Un nouveau recours collectif déposé par Hagens Berman allègue que Super Micro Computer Inc. a dissimulé un stratagème de plusieurs milliards de dollars pour exporter illégalement des serveurs d'IA vers la Chine, une nouvelle qui a provoqué une chute de l'action de 10,26 $, soit 33 %.
La plainte, déposée devant le tribunal de district des États-Unis pour le district nord de la Californie, affirme que Super Micro et ses hauts dirigeants ont violé les lois fédérales sur les valeurs mobilières en cachant les ventes illégales de serveurs équipés de puces restreintes de Nvidia Corp. « Les défendeurs ont dissimulé un vaste stratagème illégal visant à vendre pour des milliards de dollars de serveurs d'IA avancés... à la République populaire de Chine via une entité écran en Asie du Sud-Est », indique la plainte de Hagens Berman.
La plainte affirme que l'ampleur réelle de la fraude a été révélée le 19 mars 2026, lors de la levée des scellés d'un acte d'accusation du ministère de la Justice contre un cofondateur de l'entreprise. Toutefois, elle identifie également deux événements antérieurs comme des « divulgations correctives partielles ». Le 28 août 2024, l'annonce par Super Micro du report de son rapport annuel, lié plus tard à une enquête interne sur la conformité des exportations, a entraîné une baisse de 19 % de l'action. Le 30 octobre 2024, le titre a chuté de 32,6 % supplémentaires après que l'entreprise a révélé que son auditeur, Ernst & Young, avait démissionné en raison d'une incapacité à faire confiance aux déclarations de la direction concernant les transactions d'exportation.
Cette action en justice fait suite à plusieurs autres recours collectifs, dont celui du cabinet Schall Law Firm, et à un acte d'accusation du ministère américain de la Justice visant le cofondateur et vice-président senior Yih-Shyan « Wally » Liaw. L'acte d'accusation allègue un complot ayant généré au moins 2,5 milliards de dollars de ventes en détournant des serveurs haute performance vers la Chine, en utilisant des méthodes telles que la mise en scène de « faux » serveurs et la fabrication de contrats de location pour tromper les auditeurs. L'imbroglio juridique comprend également une enquête criminelle menée par les autorités taïwanaises sur une suspicion de contrebande de serveurs d'IA.
Pression croissante sur le récit de croissance de l'IA
L'accumulation de poursuites et d'enquêtes fédérales exerce une pression intense sur le récit d'investissement de Super Micro, qui repose largement sur sa position sur le marché à forte demande de l'infrastructure des centres de données d'IA. Bien que l'entreprise ait nommé de nouveaux dirigeants commerciaux pour stabiliser les comptes clés et stimuler les ventes, les allégations de défaillances de conformité généralisées et d'inconduite des dirigeants menacent directement la confiance des investisseurs. Les procédures judiciaires remettent en cause la crédibilité de la gouvernance de l'entreprise et la qualité de ses bénéfices, qui étaient au cœur de son scénario de redressement des marges.

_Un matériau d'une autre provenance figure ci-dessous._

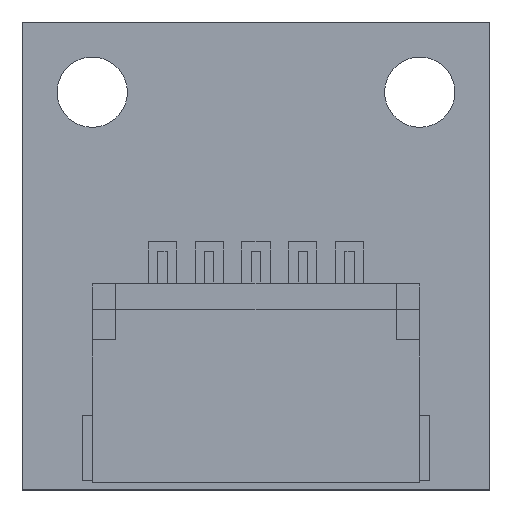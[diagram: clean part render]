
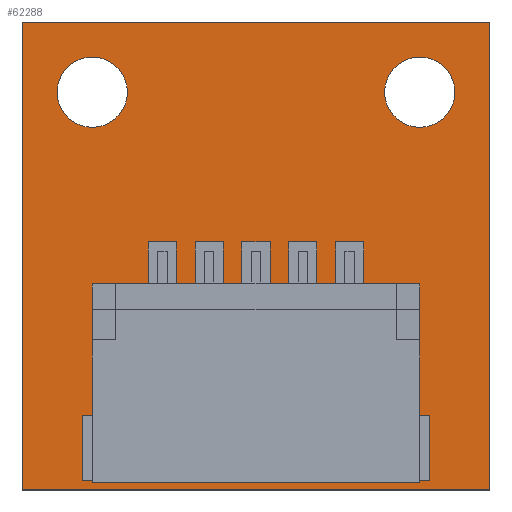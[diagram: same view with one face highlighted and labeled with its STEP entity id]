
A CAD part, top view. The second image highlights one B-rep face of the part: STEP entity #62288.
In plain terms, the highlighted planar face has unit normal (0, 0, 1).
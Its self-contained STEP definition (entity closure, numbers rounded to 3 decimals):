
#61812 = VERTEX_POINT('',#61813);
#61813 = CARTESIAN_POINT('',(15.,10.,0.6));
#61820 = PLANE('',#61821);
#61821 = AXIS2_PLACEMENT_3D('',#61822,#61823,#61824);
#61822 = CARTESIAN_POINT('',(15.,10.,0.));
#61823 = DIRECTION('',(0.,1.,0.));
#61824 = DIRECTION('',(1.,0.,0.));
#61832 = PLANE('',#61833);
#61833 = AXIS2_PLACEMENT_3D('',#61834,#61835,#61836);
#61834 = CARTESIAN_POINT('',(15.,20.,0.));
#61835 = DIRECTION('',(1.,0.,0.));
#61836 = DIRECTION('',(0.,-1.,0.));
#61844 = EDGE_CURVE('',#61812,#61845,#61847,.T.);
#61845 = VERTEX_POINT('',#61846);
#61846 = CARTESIAN_POINT('',(25.,10.,0.6));
#61847 = SURFACE_CURVE('',#61848,(#61852,#61859),.PCURVE_S1.);
#61848 = LINE('',#61849,#61850);
#61849 = CARTESIAN_POINT('',(15.,10.,0.6));
#61850 = VECTOR('',#61851,1.);
#61851 = DIRECTION('',(1.,0.,0.));
#61852 = PCURVE('',#61820,#61853);
#61853 = DEFINITIONAL_REPRESENTATION('',(#61854),#61858);
#61854 = LINE('',#61855,#61856);
#61855 = CARTESIAN_POINT('',(0.,-0.6));
#61856 = VECTOR('',#61857,1.);
#61857 = DIRECTION('',(1.,0.));
#61858 = ( GEOMETRIC_REPRESENTATION_CONTEXT(2) 
PARAMETRIC_REPRESENTATION_CONTEXT() REPRESENTATION_CONTEXT('2D SPACE',''
  ) );
#61859 = PCURVE('',#61860,#61865);
#61860 = PLANE('',#61861);
#61861 = AXIS2_PLACEMENT_3D('',#61862,#61863,#61864);
#61862 = CARTESIAN_POINT('',(20.,15.,0.6));
#61863 = DIRECTION('',(0.,0.,1.));
#61864 = DIRECTION('',(1.,0.,-0.));
#61865 = DEFINITIONAL_REPRESENTATION('',(#61866),#61870);
#61866 = LINE('',#61867,#61868);
#61867 = CARTESIAN_POINT('',(-5.,-5.));
#61868 = VECTOR('',#61869,1.);
#61869 = DIRECTION('',(1.,0.));
#61870 = ( GEOMETRIC_REPRESENTATION_CONTEXT(2) 
PARAMETRIC_REPRESENTATION_CONTEXT() REPRESENTATION_CONTEXT('2D SPACE',''
  ) );
#61888 = PLANE('',#61889);
#61889 = AXIS2_PLACEMENT_3D('',#61890,#61891,#61892);
#61890 = CARTESIAN_POINT('',(25.,10.,0.));
#61891 = DIRECTION('',(-1.,0.,0.));
#61892 = DIRECTION('',(0.,1.,0.));
#61932 = VERTEX_POINT('',#61933);
#61933 = CARTESIAN_POINT('',(15.,20.,0.6));
#61947 = PLANE('',#61948);
#61948 = AXIS2_PLACEMENT_3D('',#61949,#61950,#61951);
#61949 = CARTESIAN_POINT('',(25.,20.,0.));
#61950 = DIRECTION('',(0.,-1.,0.));
#61951 = DIRECTION('',(-1.,0.,0.));
#61959 = EDGE_CURVE('',#61932,#61812,#61960,.T.);
#61960 = SURFACE_CURVE('',#61961,(#61965,#61972),.PCURVE_S1.);
#61961 = LINE('',#61962,#61963);
#61962 = CARTESIAN_POINT('',(15.,20.,0.6));
#61963 = VECTOR('',#61964,1.);
#61964 = DIRECTION('',(0.,-1.,0.));
#61965 = PCURVE('',#61832,#61966);
#61966 = DEFINITIONAL_REPRESENTATION('',(#61967),#61971);
#61967 = LINE('',#61968,#61969);
#61968 = CARTESIAN_POINT('',(0.,-0.6));
#61969 = VECTOR('',#61970,1.);
#61970 = DIRECTION('',(1.,0.));
#61971 = ( GEOMETRIC_REPRESENTATION_CONTEXT(2) 
PARAMETRIC_REPRESENTATION_CONTEXT() REPRESENTATION_CONTEXT('2D SPACE',''
  ) );
#61972 = PCURVE('',#61860,#61973);
#61973 = DEFINITIONAL_REPRESENTATION('',(#61974),#61978);
#61974 = LINE('',#61975,#61976);
#61975 = CARTESIAN_POINT('',(-5.,5.));
#61976 = VECTOR('',#61977,1.);
#61977 = DIRECTION('',(0.,-1.));
#61978 = ( GEOMETRIC_REPRESENTATION_CONTEXT(2) 
PARAMETRIC_REPRESENTATION_CONTEXT() REPRESENTATION_CONTEXT('2D SPACE',''
  ) );
#62006 = EDGE_CURVE('',#61845,#62007,#62009,.T.);
#62007 = VERTEX_POINT('',#62008);
#62008 = CARTESIAN_POINT('',(25.,20.,0.6));
#62009 = SURFACE_CURVE('',#62010,(#62014,#62021),.PCURVE_S1.);
#62010 = LINE('',#62011,#62012);
#62011 = CARTESIAN_POINT('',(25.,10.,0.6));
#62012 = VECTOR('',#62013,1.);
#62013 = DIRECTION('',(0.,1.,0.));
#62014 = PCURVE('',#61888,#62015);
#62015 = DEFINITIONAL_REPRESENTATION('',(#62016),#62020);
#62016 = LINE('',#62017,#62018);
#62017 = CARTESIAN_POINT('',(0.,-0.6));
#62018 = VECTOR('',#62019,1.);
#62019 = DIRECTION('',(1.,0.));
#62020 = ( GEOMETRIC_REPRESENTATION_CONTEXT(2) 
PARAMETRIC_REPRESENTATION_CONTEXT() REPRESENTATION_CONTEXT('2D SPACE',''
  ) );
#62021 = PCURVE('',#61860,#62022);
#62022 = DEFINITIONAL_REPRESENTATION('',(#62023),#62027);
#62023 = LINE('',#62024,#62025);
#62024 = CARTESIAN_POINT('',(5.,-5.));
#62025 = VECTOR('',#62026,1.);
#62026 = DIRECTION('',(0.,1.));
#62027 = ( GEOMETRIC_REPRESENTATION_CONTEXT(2) 
PARAMETRIC_REPRESENTATION_CONTEXT() REPRESENTATION_CONTEXT('2D SPACE',''
  ) );
#62077 = EDGE_CURVE('',#62007,#61932,#62078,.T.);
#62078 = SURFACE_CURVE('',#62079,(#62083,#62090),.PCURVE_S1.);
#62079 = LINE('',#62080,#62081);
#62080 = CARTESIAN_POINT('',(25.,20.,0.6));
#62081 = VECTOR('',#62082,1.);
#62082 = DIRECTION('',(-1.,0.,0.));
#62083 = PCURVE('',#61947,#62084);
#62084 = DEFINITIONAL_REPRESENTATION('',(#62085),#62089);
#62085 = LINE('',#62086,#62087);
#62086 = CARTESIAN_POINT('',(0.,-0.6));
#62087 = VECTOR('',#62088,1.);
#62088 = DIRECTION('',(1.,0.));
#62089 = ( GEOMETRIC_REPRESENTATION_CONTEXT(2) 
PARAMETRIC_REPRESENTATION_CONTEXT() REPRESENTATION_CONTEXT('2D SPACE',''
  ) );
#62090 = PCURVE('',#61860,#62091);
#62091 = DEFINITIONAL_REPRESENTATION('',(#62092),#62096);
#62092 = LINE('',#62093,#62094);
#62093 = CARTESIAN_POINT('',(5.,5.));
#62094 = VECTOR('',#62095,1.);
#62095 = DIRECTION('',(-1.,0.));
#62096 = ( GEOMETRIC_REPRESENTATION_CONTEXT(2) 
PARAMETRIC_REPRESENTATION_CONTEXT() REPRESENTATION_CONTEXT('2D SPACE',''
  ) );
#62133 = CYLINDRICAL_SURFACE('',#62134,0.751);
#62134 = AXIS2_PLACEMENT_3D('',#62135,#62136,#62137);
#62135 = CARTESIAN_POINT('',(16.5,18.5,0.));
#62136 = DIRECTION('',(-0.,-0.,-1.));
#62137 = DIRECTION('',(1.,0.,0.));
#62153 = VERTEX_POINT('',#62154);
#62154 = CARTESIAN_POINT('',(17.251,18.5,0.6));
#62175 = EDGE_CURVE('',#62153,#62153,#62176,.T.);
#62176 = SURFACE_CURVE('',#62177,(#62182,#62189),.PCURVE_S1.);
#62177 = CIRCLE('',#62178,0.751);
#62178 = AXIS2_PLACEMENT_3D('',#62179,#62180,#62181);
#62179 = CARTESIAN_POINT('',(16.5,18.5,0.6));
#62180 = DIRECTION('',(0.,0.,1.));
#62181 = DIRECTION('',(1.,0.,-0.));
#62182 = PCURVE('',#62133,#62183);
#62183 = DEFINITIONAL_REPRESENTATION('',(#62184),#62188);
#62184 = LINE('',#62185,#62186);
#62185 = CARTESIAN_POINT('',(6.283,-0.6));
#62186 = VECTOR('',#62187,1.);
#62187 = DIRECTION('',(-1.,0.));
#62188 = ( GEOMETRIC_REPRESENTATION_CONTEXT(2) 
PARAMETRIC_REPRESENTATION_CONTEXT() REPRESENTATION_CONTEXT('2D SPACE',''
  ) );
#62189 = PCURVE('',#61860,#62190);
#62190 = DEFINITIONAL_REPRESENTATION('',(#62191),#62195);
#62191 = CIRCLE('',#62192,0.751);
#62192 = AXIS2_PLACEMENT_2D('',#62193,#62194);
#62193 = CARTESIAN_POINT('',(-3.5,3.5));
#62194 = DIRECTION('',(1.,0.));
#62195 = ( GEOMETRIC_REPRESENTATION_CONTEXT(2) 
PARAMETRIC_REPRESENTATION_CONTEXT() REPRESENTATION_CONTEXT('2D SPACE',''
  ) );
#62211 = CYLINDRICAL_SURFACE('',#62212,0.751);
#62212 = AXIS2_PLACEMENT_3D('',#62213,#62214,#62215);
#62213 = CARTESIAN_POINT('',(23.5,18.5,0.));
#62214 = DIRECTION('',(-0.,-0.,-1.));
#62215 = DIRECTION('',(1.,0.,0.));
#62231 = VERTEX_POINT('',#62232);
#62232 = CARTESIAN_POINT('',(24.251,18.5,0.6));
#62253 = EDGE_CURVE('',#62231,#62231,#62254,.T.);
#62254 = SURFACE_CURVE('',#62255,(#62260,#62267),.PCURVE_S1.);
#62255 = CIRCLE('',#62256,0.751);
#62256 = AXIS2_PLACEMENT_3D('',#62257,#62258,#62259);
#62257 = CARTESIAN_POINT('',(23.5,18.5,0.6));
#62258 = DIRECTION('',(0.,0.,1.));
#62259 = DIRECTION('',(1.,0.,-0.));
#62260 = PCURVE('',#62211,#62261);
#62261 = DEFINITIONAL_REPRESENTATION('',(#62262),#62266);
#62262 = LINE('',#62263,#62264);
#62263 = CARTESIAN_POINT('',(6.283,-0.6));
#62264 = VECTOR('',#62265,1.);
#62265 = DIRECTION('',(-1.,0.));
#62266 = ( GEOMETRIC_REPRESENTATION_CONTEXT(2) 
PARAMETRIC_REPRESENTATION_CONTEXT() REPRESENTATION_CONTEXT('2D SPACE',''
  ) );
#62267 = PCURVE('',#61860,#62268);
#62268 = DEFINITIONAL_REPRESENTATION('',(#62269),#62273);
#62269 = CIRCLE('',#62270,0.751);
#62270 = AXIS2_PLACEMENT_2D('',#62271,#62272);
#62271 = CARTESIAN_POINT('',(3.5,3.5));
#62272 = DIRECTION('',(1.,0.));
#62273 = ( GEOMETRIC_REPRESENTATION_CONTEXT(2) 
PARAMETRIC_REPRESENTATION_CONTEXT() REPRESENTATION_CONTEXT('2D SPACE',''
  ) );
#62288 = ADVANCED_FACE('',(#62289,#62295,#62298),#61860,.T.);
#62289 = FACE_BOUND('',#62290,.T.);
#62290 = EDGE_LOOP('',(#62291,#62292,#62293,#62294));
#62291 = ORIENTED_EDGE('',*,*,#61844,.T.);
#62292 = ORIENTED_EDGE('',*,*,#62006,.T.);
#62293 = ORIENTED_EDGE('',*,*,#62077,.T.);
#62294 = ORIENTED_EDGE('',*,*,#61959,.T.);
#62295 = FACE_BOUND('',#62296,.T.);
#62296 = EDGE_LOOP('',(#62297));
#62297 = ORIENTED_EDGE('',*,*,#62175,.F.);
#62298 = FACE_BOUND('',#62299,.T.);
#62299 = EDGE_LOOP('',(#62300));
#62300 = ORIENTED_EDGE('',*,*,#62253,.F.);
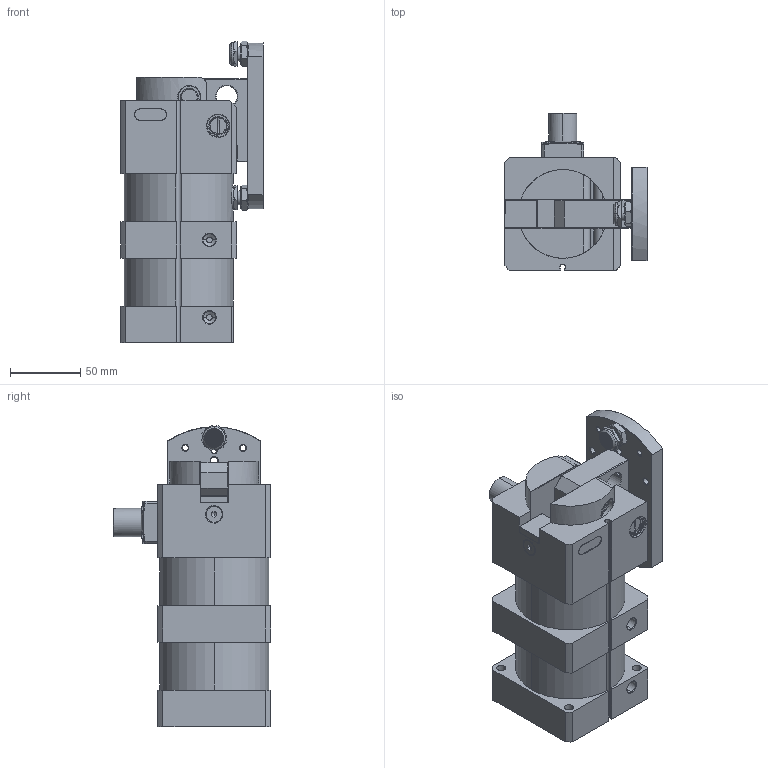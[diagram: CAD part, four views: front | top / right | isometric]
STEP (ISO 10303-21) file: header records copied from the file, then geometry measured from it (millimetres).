
FILE_DESCRIPTION (( 'STEP AP203' ), '1' );
FILE_NAME ('GFT60-90.STEP', '2024-09-03T06:09:32', ( '微软用户' ), ( '微软中国' ), 'SwSTEP 2.0', 'SolidWorks 2018', '' );
FILE_SCHEMA (( 'CONFIG_CONTROL_DESIGN' ));
Length unit declared in the file: millimetre
Products named in the file (1): GFT60-90
Bounding box: 101.26 x 111.5 x 214.06 mm (x, y, z)
Volume: 1070682.6 mm3; surface area: 140262.2 mm2
Topology: 2 solids, 37 shells, 4335 faces, 10749 edges, 7050 vertices
Faces by surface type: plane 3481, cylinder 448, cone 323, bspline 83
Entity records: 152023 total; most frequent: CARTESIAN_POINT 50105, ORIENTED_EDGE 21422, DIRECTION 19330, EDGE_CURVE 10711, VECTOR 8440, LINE 8440, VERTEX_POINT 7050, AXIS2_PLACEMENT_3D 5445
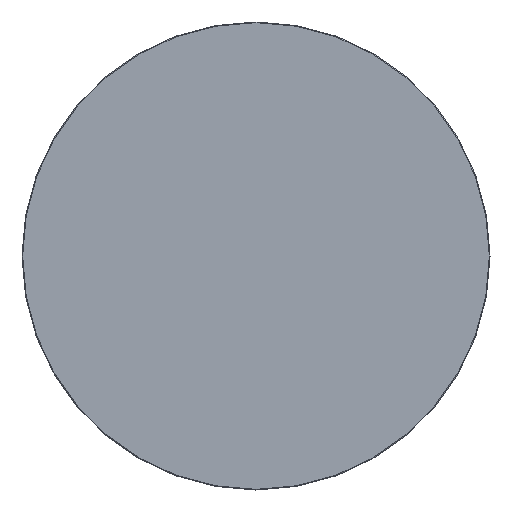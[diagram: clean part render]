
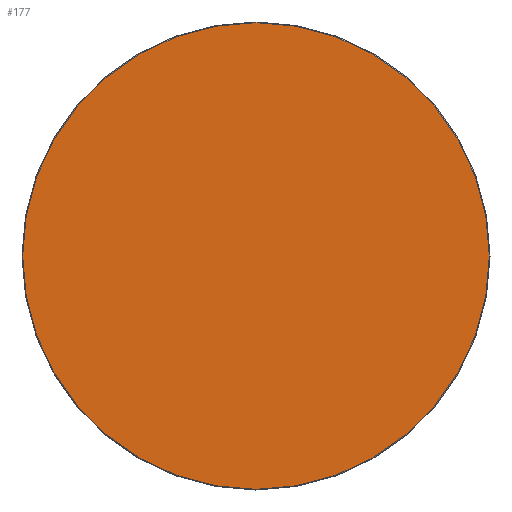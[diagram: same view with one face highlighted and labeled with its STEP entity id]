
A CAD part, left-side view. The second image highlights one B-rep face of the part: STEP entity #177.
In plain terms, the highlighted planar face has unit normal (-1, 0, 0).
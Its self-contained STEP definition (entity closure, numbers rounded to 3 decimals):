
#177 = ADVANCED_FACE ( 'NONE', ( #944 ), #703, .F. ) ;
#190 = EDGE_LOOP ( 'NONE', ( #1046, #1220 ) ) ;
#254 = CARTESIAN_POINT ( 'NONE',  ( 0., 0., 105.7 ) ) ;
#361 = EDGE_CURVE ( 'NONE', #1466, #837, #767, .T. ) ;
#384 = EDGE_CURVE ( 'NONE', #837, #1466, #1469, .T. ) ;
#606 = DIRECTION ( 'NONE',  ( 0., 0., 1. ) ) ;
#615 = DIRECTION ( 'NONE',  ( -1., 0., 0. ) ) ;
#703 = PLANE ( 'NONE',  #1183 ) ;
#767 = CIRCLE ( 'NONE', #1323, 105.7 ) ;
#837 = VERTEX_POINT ( 'NONE', #254 ) ;
#862 = DIRECTION ( 'NONE',  ( 0., 0., -1. ) ) ;
#944 = FACE_OUTER_BOUND ( 'NONE', #190, .T. ) ;
#1027 = DIRECTION ( 'NONE',  ( 1., 0., 0. ) ) ;
#1046 = ORIENTED_EDGE ( 'NONE', *, *, #361, .T. ) ;
#1183 = AXIS2_PLACEMENT_3D ( 'NONE', #1978, #1027, #862 ) ;
#1220 = ORIENTED_EDGE ( 'NONE', *, *, #384, .T. ) ;
#1245 = DIRECTION ( 'NONE',  ( -1., 0., 0. ) ) ;
#1323 = AXIS2_PLACEMENT_3D ( 'NONE', #1558, #615, #606 ) ;
#1395 = CARTESIAN_POINT ( 'NONE',  ( 0., 0., 0. ) ) ;
#1459 = CARTESIAN_POINT ( 'NONE',  ( 0., 0., -105.7 ) ) ;
#1466 = VERTEX_POINT ( 'NONE', #1459 ) ;
#1469 = CIRCLE ( 'NONE', #2021, 105.7 ) ;
#1558 = CARTESIAN_POINT ( 'NONE',  ( 0., 0., 0. ) ) ;
#1869 = DIRECTION ( 'NONE',  ( 0., 0., 1. ) ) ;
#1978 = CARTESIAN_POINT ( 'NONE',  ( 0., 0., 0. ) ) ;
#2021 = AXIS2_PLACEMENT_3D ( 'NONE', #1395, #1245, #1869 ) ;

La vague d'actions en justice défie directement la gouvernance et la conformité des exportations de Super Micro, créant une incertitude significative pour les investisseurs. L'issue de ces poursuites et de l'affaire du DOJ, qui devrait se dérouler au cours des prochains mois, sera un facteur critique pour la performance de l'action.
Cet article est à titre informatif uniquement et ne constitue pas un conseil en investissement.